LR, Coach - you'll note there isn't even a COUNTRY listed under the track's locale..... he's certainly figured us out LOL.


----------



## citylights17[email protected] (Jan 25, 2007)

SplitPoster said:


> Great looking layout - the scale scenic look really does justice to the cars, and the lights set off the endurance race atmosphere. Lots of neat stuff, good work!
> 
> On those track tours....
> 
> ...


Hey folks, Aquinna Park Raceway is located at approximately 37° 37' N 122° 23' W. Anything that can make it around the banked turn can run, crash and burn rules, no smoking (anything) in the house, no food or drink at raceside. Thanks for all the great track building and car customizing tips! mj


----------



## roadrner (Jul 21, 1999)

Sure does look good! With all of those lights you can eve host night racing.  rr


----------



## coach61 (Sep 6, 2004)

[email protected] said:


> Hey folks, Aquinna Park Raceway is located at approximately 37° 37' N 122° 23' W. Anything that can make it around the banked turn can run, crash and burn rules, no smoking (anything) in the house, no food or drink at raceside.
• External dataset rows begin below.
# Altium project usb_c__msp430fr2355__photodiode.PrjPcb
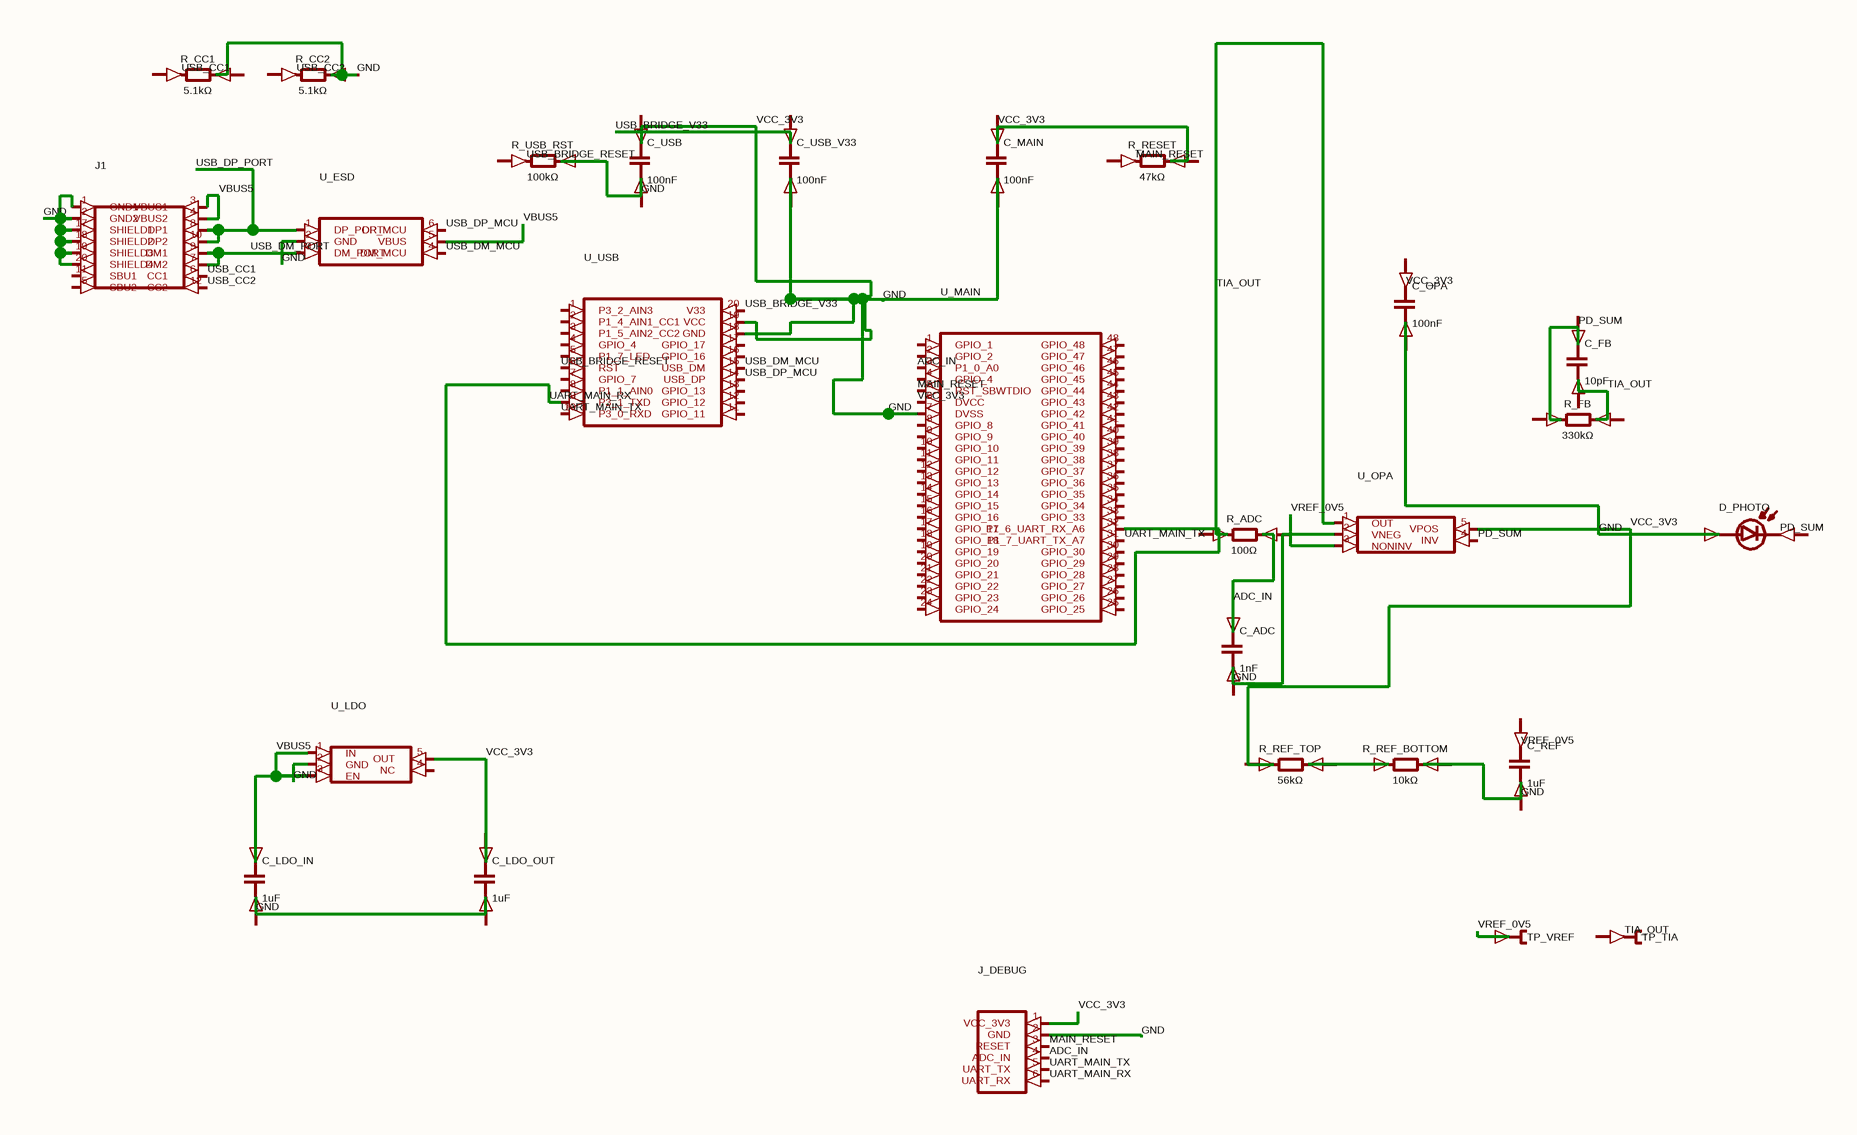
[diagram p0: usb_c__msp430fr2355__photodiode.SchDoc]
1 sheet, 27 parts. Net scope: global (net labels, ports and power ports of the same name join across sheets).
Board file: usb_c__msp430fr2355__photodiode.PcbDoc

## Sheet usb_c__msp430fr2355__photodiode.SchDoc
size 206 x 142 mm

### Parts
C_ADC  1nF
C_FB  10pF
C_LDO_IN  1uF
C_LDO_OUT  1uF
C_MAIN  100nF
C_OPA  100nF
C_REF  1uF
C_USB  100nF
C_USB_V33  100nF
D_PHOTO  (no value)
J1  (no value)
J_DEBUG  (no value)
R_ADC  100Ω
R_CC1  5.1kΩ
R_CC2  5.1kΩ
R_FB  330kΩ
R_REF_BOTTOM  10kΩ
R_REF_TOP  56kΩ
R_RESET  47kΩ
R_USB_RST  100kΩ
TP_TIA  (no value)
TP_VREF  (no value)
U_ESD  (no value)
U_LDO  (no value)
U_MAIN  (no value)
U_OPA  (no value)
U_USB  (no value)

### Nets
ADC_IN: C_ADC.1(anode) J_DEBUG.4(ADC_IN) U_MAIN.3(P1_0_A0)
GND: C_LDO_IN.1(anode) C_LDO_OUT.1(anode) C_MAIN.2(cathode) C_OPA.2(cathode) C_USB_V33.2(cathode) D_PHOTO.1(anode) J1.1(GND1) J1.2(GND2) J1.3(VBUS1) J1.4(VBUS2) J1.7(DM2) J1.9(DM1) J1.17(SHIELD1) J1.18(SHIELD2) J1.19(SHIELD3) J1.20(SHIELD4) J_DEBUG.1(VCC_3V3) J_DEBUG.2(GND) R_ADC.2(cathode) R_REF_BOTTOM.2(cathode) R_USB_RST.2(cathode) TP_VREF.1(pin1) U_ESD.2(GND) U_ESD.3(DM_PORT) U_ESD.5(VBUS) U_LDO.1(IN) U_LDO.2(GND) U_LDO.3(EN) U_LDO.5(OUT) U_MAIN.6(DVCC) U_MAIN.7(DVSS) U_OPA.2(VNEG) U_OPA.3(NONINV) U_OPA.5(VPOS) U_USB.18(GND) U_USB.19(VCC) U_USB.20(V33)  [also labelled USB_BRIDGE_V33, USB_DM_PORT, VBUS5, VCC_3V3, VREF_0V5]
MAIN_RESET: J_DEBUG.3(RESET) U_MAIN.5(RST_SBWTDIO)
PD_SUM: U_OPA.4(INV)
TIA_OUT: J_DEBUG.6(UART_RX) U_MAIN.32(P1_6_UART_RX_A6) U_OPA.1(OUT) U_USB.9(P3_1_TXD)  [also labelled UART_MAIN_RX]
UART_MAIN_TX: J_DEBUG.5(UART_TX) U_MAIN.31(P1_7_UART_TX_A7) U_USB.10(P3_0_RXD)
USB_BRIDGE_RESET: U_USB.6(RST)
USB_CC1: J1.6(CC1)
USB_CC2: J1.12(CC2)
USB_DM_MCU: U_ESD.4(DM_MCU) U_USB.15(USB_DM)
USB_DP_MCU: U_ESD.6(DP_MCU) U_USB.14(USB_DP)
USB_DP_PORT: J1.8(DP1) J1.10(DP2) U_ESD.1(DP_PORT)
NetR_REF_BOTTOM_1: R_REF_BOTTOM.1(anode) R_REF_TOP.2(cathode)

Not connected (* = marked no-connect by the designer): C_ADC 2(cathode); C_FB 1(anode) 2(cathode); C_LDO_IN 2(cathode); C_LDO_OUT 2(cathode); C_MAIN 1(anode); C_OPA 1(anode); C_REF 1(anode) 2(cathode); C_USB 1(anode) 2(cathode); C_USB_V33 1(anode); D_PHOTO 2(cathode); J1 5(SBU2) 11(SBU1); R_ADC 1(anode); R_CC1 1(anode) 2(cathode); R_CC2 1(anode) 2(cathode); R_FB 1(anode) 2(cathode); R_REF_TOP 1(anode); R_RESET 1(anode) 2(cathode); R_USB_RST 1(anode); TP_TIA 1(pin1); U_LDO 4(NC); U_MAIN 1(GPIO_1) 2(GPIO_2) 4(GPIO_4) 8(GPIO_8) 9(GPIO_9) 10(GPIO_10) 11(GPIO_11) 12(GPIO_12) 13(GPIO_13) 14(GPIO_14) 15(GPIO_15) 16(GPIO_16) 17(GPIO_17) 18(GPIO_18) 19(GPIO_19) 20(GPIO_20) 21(GPIO_21) 22(GPIO_22) 23(GPIO_23) 24(GPIO_24) 25(GPIO_25) 26(GPIO_26) 27(GPIO_27) 28(GPIO_28) 29(GPIO_29) 30(GPIO_30) 33(GPIO_33) 34(GPIO_34) 35(GPIO_35) 36(GPIO_36) 37(GPIO_37) 38(GPIO_38) 39(GPIO_39) 40(GPIO_40) 41(GPIO_41) 42(GPIO_42) 43(GPIO_43) 44(GPIO_44) 45(GPIO_45) 46(GPIO_46) 47(GPIO_47) 48(GPIO_48); U_USB 1(P3_2_AIN3) 2(P1_4_AIN1_CC1) 3(P1_5_AIN2_CC2) 4(GPIO_4) 5(P1_7_LED) 7(GPIO_7) 8(P1_1_AIN0) 11(GPIO_11) 12(GPIO_12) 13(GPIO_13) 16(GPIO_16) 17(GPIO_17)

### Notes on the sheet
- Labels drawn without touching a wire or pin: MAIN_RESET, PD_SUM, TIA_OUT, USB_BRIDGE_RESET, USB_CC1, USB_CC2, VCC_3V3, VREF_0V5

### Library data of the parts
C_ADC C_FB C_LDO_IN C_LDO_OUT C_MAIN C_OPA C_REF C_USB C_USB_V33 = capacitor_down
D_PHOTO = photodiode_horz
J1 = J1
J_DEBUG = J_DEBUG
R_ADC R_CC1 R_CC2 R_FB R_REF_BOTTOM R_REF_TOP R_RESET R_USB_RST = boxresistor_right
TP_TIA TP_VREF = testpoint_right
U_ESD = U_ESD
U_LDO = U_LDO
U_MAIN = U_MAIN
U_OPA = U_OPA
U_USB = U_USB

Thanks for all the great track building and car customizing tips! mj



What those measurements are the middle of a field near Santa Cruz.. you are the sly one....


Dave


----------



## [email protected] (Jan 25, 2007)

coach61 said:


> What those measurements are the middle of a field near Santa Cruz.. you are the sly one....
> 
> 
> Dave


I said approximately....... I didn't take the time to find the exact cordinates. Thats about 40 mles off. I'll be more specific....... later. LOL mj


----------



## [email protected] (Jan 25, 2007)

37degrees 45' 16.15" N 122 degrees 24' 27.95" W Sshhhh. mj


----------



## Ligier Runner (Nov 29, 2004)

Heh heh heh. If I had a dime for everytime someone gave me the wrong coordinates...


----------



## [email protected] (Jan 25, 2007)

Ligier Runner said:


> Heh heh heh. If I had a dime for everytime someone gave me the wrong coordinates...


I wouldn't do that to a Hoosier. They're authentic. Got them from Google Earth. mj


----------



## keionius (Aug 22, 2007)

Very beautiful. Its amazing to se a track in this level of detail


----------



## bobhch (Apr 22, 2007)

That is a cool layout and very nicely done. I noticed that you have it so that when your cars come off the track they don't destroy your landscape. That would suck if you went flying into the woods with one of your Indy cars...Ouch.

You know a pre-knocked over light pole with a car smashed into the base would be kinda cool especially if like the pole just happened to fall on a snack bar or some thing like that. Just don't let the Beer stand get hit....that would be tragic. Naw the way you have it is Great so you don't need to change a thing. Well unless you want to. 

Bob...zilla


----------



## [email protected] (Jan 25, 2007)

Actually there is a bit of upkeep from errant cars. I run BSRT polymer G3 type cars with old school AFX/TycoPro bodies. When they deslot hooowee. they launch!! I made the back pit wall twice as high to try to keep them out. Nice try. The funniest was when one hit the Dunlop bridge and landed on the top of the race center. I'm going to put up a soft retaining wall with a forest backdrop to keep them in the room. But yeah the way it's set up minimizes the damage. mj


----------



## Slott V (Feb 3, 2005)

Your track looks great. Nice detailing. Love the lighting. FINALLY get to see the lights...  

I can attest to the damage on a landscaped track. Silicone glue is your friend!  

-Scott


----------